Problem:
Through the last line of the entries, please copy every line exactly, starting with the one that contains "#15327=DIRECTION('',(0.,-1.,0.));".

Saved data entries:
· · · ·
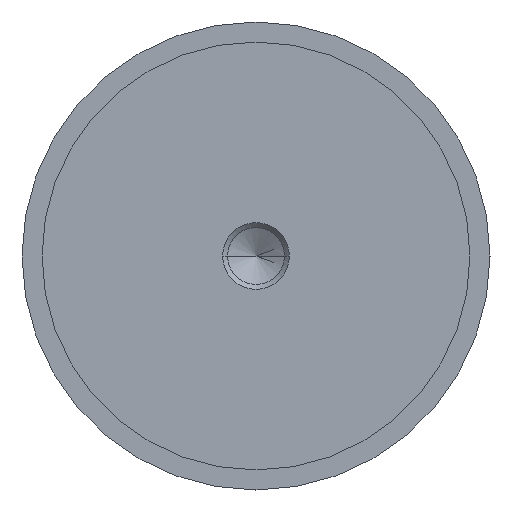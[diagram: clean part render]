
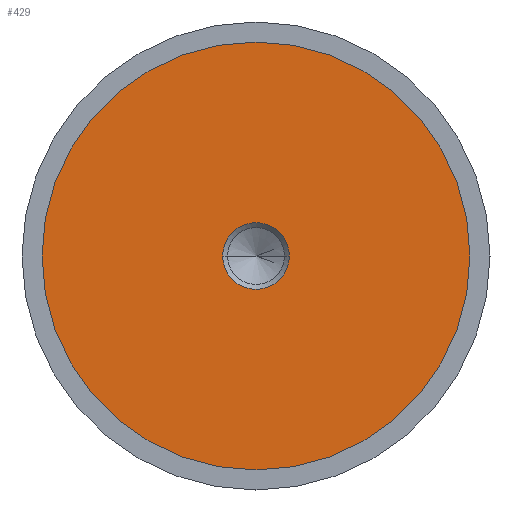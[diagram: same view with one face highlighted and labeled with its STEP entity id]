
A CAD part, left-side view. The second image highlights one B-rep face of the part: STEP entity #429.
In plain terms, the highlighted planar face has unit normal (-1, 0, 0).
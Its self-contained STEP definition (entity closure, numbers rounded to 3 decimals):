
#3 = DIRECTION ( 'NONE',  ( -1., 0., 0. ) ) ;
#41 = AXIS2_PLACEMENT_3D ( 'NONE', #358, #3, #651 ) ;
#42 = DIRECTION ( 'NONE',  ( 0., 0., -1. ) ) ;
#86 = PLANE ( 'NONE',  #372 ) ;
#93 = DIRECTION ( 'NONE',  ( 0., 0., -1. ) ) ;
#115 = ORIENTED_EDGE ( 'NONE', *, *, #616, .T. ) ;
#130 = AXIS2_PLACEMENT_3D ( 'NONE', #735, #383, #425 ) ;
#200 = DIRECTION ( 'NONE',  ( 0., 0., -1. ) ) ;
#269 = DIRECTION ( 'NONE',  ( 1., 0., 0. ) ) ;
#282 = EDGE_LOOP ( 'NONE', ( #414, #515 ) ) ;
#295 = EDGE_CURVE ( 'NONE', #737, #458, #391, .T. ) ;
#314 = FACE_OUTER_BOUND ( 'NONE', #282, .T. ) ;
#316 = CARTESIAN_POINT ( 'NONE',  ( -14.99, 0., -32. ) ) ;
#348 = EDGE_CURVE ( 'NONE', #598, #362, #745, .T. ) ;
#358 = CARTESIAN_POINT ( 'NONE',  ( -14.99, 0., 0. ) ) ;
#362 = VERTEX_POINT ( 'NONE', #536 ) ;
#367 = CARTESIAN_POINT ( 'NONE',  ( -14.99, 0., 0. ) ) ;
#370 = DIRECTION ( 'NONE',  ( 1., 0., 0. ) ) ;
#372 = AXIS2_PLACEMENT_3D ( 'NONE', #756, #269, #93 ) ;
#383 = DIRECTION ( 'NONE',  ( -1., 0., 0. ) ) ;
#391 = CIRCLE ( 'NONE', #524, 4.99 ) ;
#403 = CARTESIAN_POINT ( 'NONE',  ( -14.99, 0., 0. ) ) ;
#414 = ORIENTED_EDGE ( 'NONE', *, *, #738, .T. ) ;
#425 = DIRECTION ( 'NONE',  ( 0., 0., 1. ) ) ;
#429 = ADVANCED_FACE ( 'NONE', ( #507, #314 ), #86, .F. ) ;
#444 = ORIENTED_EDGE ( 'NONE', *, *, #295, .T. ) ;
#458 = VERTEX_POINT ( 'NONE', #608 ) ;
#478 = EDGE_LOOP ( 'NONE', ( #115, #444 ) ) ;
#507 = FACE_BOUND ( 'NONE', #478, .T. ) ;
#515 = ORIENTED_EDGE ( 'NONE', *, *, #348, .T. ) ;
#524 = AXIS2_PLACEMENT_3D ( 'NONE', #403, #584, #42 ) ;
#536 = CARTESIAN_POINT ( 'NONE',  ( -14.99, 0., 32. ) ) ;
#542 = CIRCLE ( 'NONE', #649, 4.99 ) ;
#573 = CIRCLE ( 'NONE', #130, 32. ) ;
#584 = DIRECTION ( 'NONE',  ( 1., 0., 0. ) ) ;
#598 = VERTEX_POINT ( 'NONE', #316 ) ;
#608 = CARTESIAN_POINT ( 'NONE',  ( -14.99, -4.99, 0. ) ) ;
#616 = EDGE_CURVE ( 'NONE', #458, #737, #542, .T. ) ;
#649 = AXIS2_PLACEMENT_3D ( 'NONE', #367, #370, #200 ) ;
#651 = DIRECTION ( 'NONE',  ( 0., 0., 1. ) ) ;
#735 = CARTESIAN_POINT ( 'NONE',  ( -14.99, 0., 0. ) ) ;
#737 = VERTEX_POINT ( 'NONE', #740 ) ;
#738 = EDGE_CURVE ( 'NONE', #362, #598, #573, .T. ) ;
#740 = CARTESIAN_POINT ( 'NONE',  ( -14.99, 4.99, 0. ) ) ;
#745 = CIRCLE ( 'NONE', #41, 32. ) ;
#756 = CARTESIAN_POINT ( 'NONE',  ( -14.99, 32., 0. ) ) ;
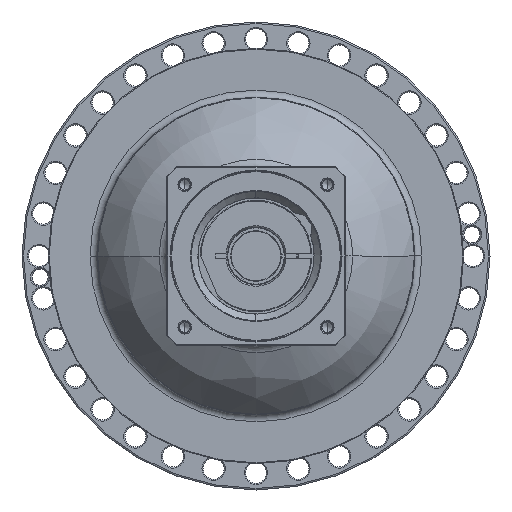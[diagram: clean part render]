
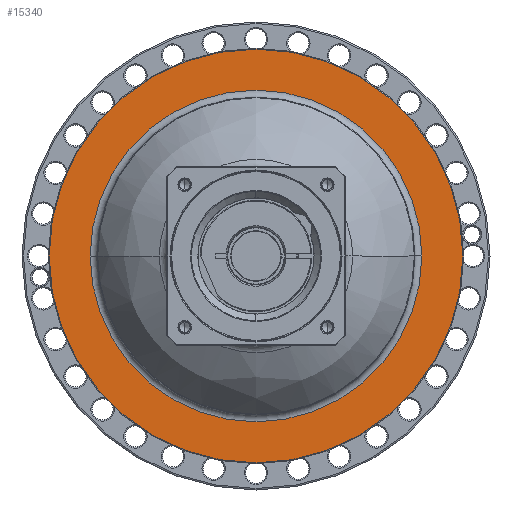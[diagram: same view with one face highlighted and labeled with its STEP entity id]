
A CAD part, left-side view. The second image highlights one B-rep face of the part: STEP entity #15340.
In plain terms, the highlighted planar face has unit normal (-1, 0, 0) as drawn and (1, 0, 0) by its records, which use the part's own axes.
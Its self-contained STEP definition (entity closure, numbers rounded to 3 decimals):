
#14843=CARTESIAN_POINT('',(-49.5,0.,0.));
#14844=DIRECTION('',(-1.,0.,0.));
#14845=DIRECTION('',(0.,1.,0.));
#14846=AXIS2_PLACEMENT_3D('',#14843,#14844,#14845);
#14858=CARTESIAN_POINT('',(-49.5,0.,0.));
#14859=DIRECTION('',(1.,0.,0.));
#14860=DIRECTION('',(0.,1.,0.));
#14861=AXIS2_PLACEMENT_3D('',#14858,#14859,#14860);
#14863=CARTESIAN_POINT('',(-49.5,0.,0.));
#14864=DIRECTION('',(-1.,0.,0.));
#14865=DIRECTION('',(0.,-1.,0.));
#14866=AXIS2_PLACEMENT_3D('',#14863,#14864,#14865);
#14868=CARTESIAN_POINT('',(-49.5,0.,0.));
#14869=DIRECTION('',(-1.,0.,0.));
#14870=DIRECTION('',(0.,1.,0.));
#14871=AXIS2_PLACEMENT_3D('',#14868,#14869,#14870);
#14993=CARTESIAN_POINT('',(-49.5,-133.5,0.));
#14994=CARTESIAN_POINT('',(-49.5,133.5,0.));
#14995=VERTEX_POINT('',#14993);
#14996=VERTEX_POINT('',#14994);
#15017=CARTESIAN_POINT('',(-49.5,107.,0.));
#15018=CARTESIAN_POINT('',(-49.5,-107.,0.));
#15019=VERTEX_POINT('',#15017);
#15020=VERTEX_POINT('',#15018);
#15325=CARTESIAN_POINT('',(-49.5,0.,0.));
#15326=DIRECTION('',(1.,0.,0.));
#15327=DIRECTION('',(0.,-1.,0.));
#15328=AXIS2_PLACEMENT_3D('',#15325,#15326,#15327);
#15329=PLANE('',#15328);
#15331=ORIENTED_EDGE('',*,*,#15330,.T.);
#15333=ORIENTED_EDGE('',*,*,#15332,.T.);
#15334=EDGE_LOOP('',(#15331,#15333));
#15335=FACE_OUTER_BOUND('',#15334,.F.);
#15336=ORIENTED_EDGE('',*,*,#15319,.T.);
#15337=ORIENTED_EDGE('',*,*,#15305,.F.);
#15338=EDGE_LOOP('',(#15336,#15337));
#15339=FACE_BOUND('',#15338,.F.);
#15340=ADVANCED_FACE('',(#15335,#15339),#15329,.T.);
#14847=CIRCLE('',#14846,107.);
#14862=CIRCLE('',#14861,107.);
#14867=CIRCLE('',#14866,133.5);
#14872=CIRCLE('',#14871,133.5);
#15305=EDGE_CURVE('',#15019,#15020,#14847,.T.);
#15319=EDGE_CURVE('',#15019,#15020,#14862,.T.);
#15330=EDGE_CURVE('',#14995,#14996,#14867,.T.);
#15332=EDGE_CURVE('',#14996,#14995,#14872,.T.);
· · · ·
Written reply:
#15327=DIRECTION('',(0.,-1.,0.));
#15328=AXIS2_PLACEMENT_3D('',#15325,#15326,#15327);
#15329=PLANE('',#15328);
#15331=ORIENTED_EDGE('',*,*,#15330,.T.);
#15333=ORIENTED_EDGE('',*,*,#15332,.T.);
#15334=EDGE_LOOP('',(#15331,#15333));
#15335=FACE_OUTER_BOUND('',#15334,.F.);
#15336=ORIENTED_EDGE('',*,*,#15319,.T.);
#15337=ORIENTED_EDGE('',*,*,#15305,.F.);
#15338=EDGE_LOOP('',(#15336,#15337));
#15339=FACE_BOUND('',#15338,.F.);
#15340=ADVANCED_FACE('',(#15335,#15339),#15329,.T.);
#14847=CIRCLE('',#14846,107.);
#14862=CIRCLE('',#14861,107.);
#14867=CIRCLE('',#14866,133.5);
#14872=CIRCLE('',#14871,133.5);
#15305=EDGE_CURVE('',#15019,#15020,#14847,.T.);
#15319=EDGE_CURVE('',#15019,#15020,#14862,.T.);
#15330=EDGE_CURVE('',#14995,#14996,#14867,.T.);
#15332=EDGE_CURVE('',#14996,#14995,#14872,.T.);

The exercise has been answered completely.